Data pre-processing is one of the most time consuming and relevant steps in a data analysis process (e.g., classification task). A given data pre-processing operator (e.g., transformation) can have positive, negative or zero impact on the final result of the analysis. Expert users have the required knowledge to find the right pre-processing operators. However, when it comes to non-experts, they are overwhelmed by the amount of pre-processing operators and it is challenging for them to find operators that would positively impact their analysis (e.g., increase the predictive accuracy of a classifier). Existing solutions either assume that users have expert knowledge, or they recommend pre-processing operators that are only ``syntactically" applicable to a dataset, without taking into account their impact on the final analysis.
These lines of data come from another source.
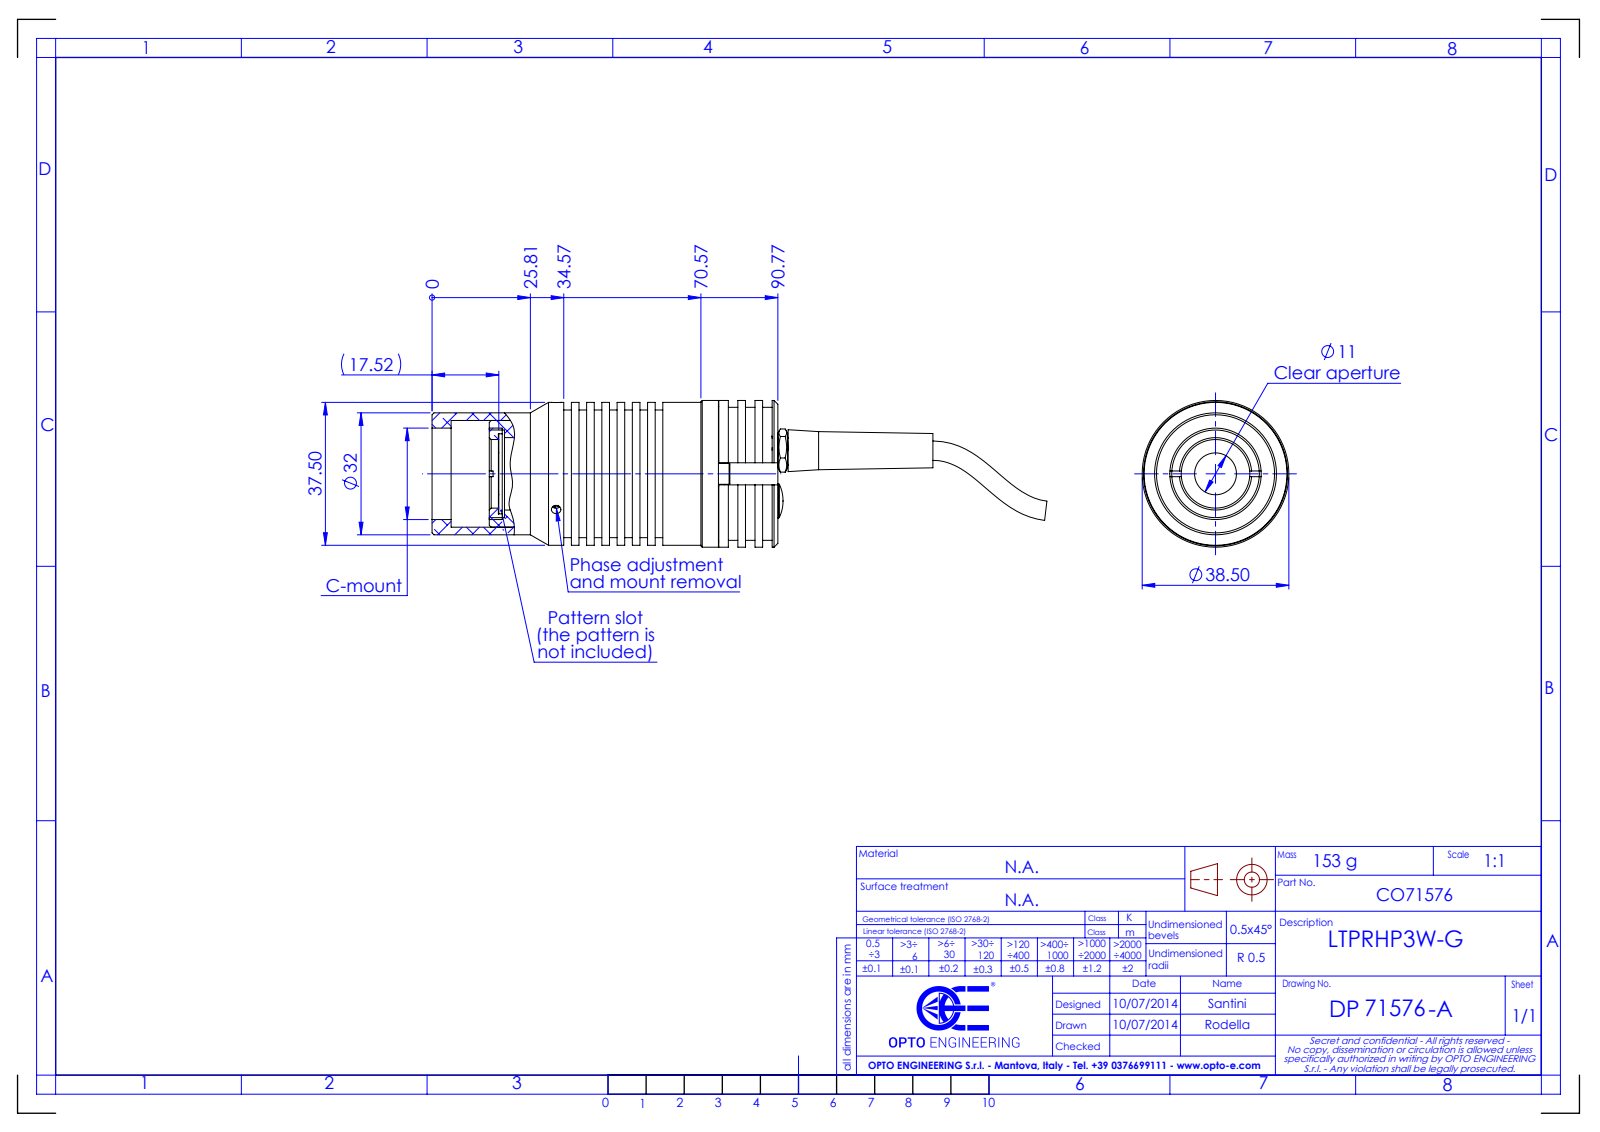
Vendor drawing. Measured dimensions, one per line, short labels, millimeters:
name: DP71576-A_LTPRHP3W-G
written by: SolidWorks 2021 (CONFIG_CONTROL_DESIGN)
unit: mm
bodies: 0 solids, 236 faces (89 planar, 93 cylindrical, 54 other)
size: 161.4 × 38.5 × 38.5
holes: 3× ⌀2.5, 3× ⌀4, 1× ⌀24, 1× ⌀28
bosses: 3× ⌀5.5, 1× ⌀38.5, 1× ⌀37.5, 1× ⌀34.9, 1× ⌀33.5, 1× ⌀32, 1× ⌀9
rounds: 3× R2.9, 2× R3.4
face distances: 2, 4, 6, 10, 8, 12, 14, 16, 18, 20
hole spacings: 15.25, 26.41, 26.42

PRESISTANT provides assistance to non-expert users by recommending data pre-processing operators that are ranked according to their impact on the final analysis. It uses Random Forests to learn the impact of pre-processing operators on the performance (e.g., predictive accuracy) of 5 different classification algorithms, such as J48, Naive Bayes, PART, Logistic Regression, and Nearest Neighbor. PRESISTANT can effectively help non-experts in order to achieve improved results in their analytical tasks.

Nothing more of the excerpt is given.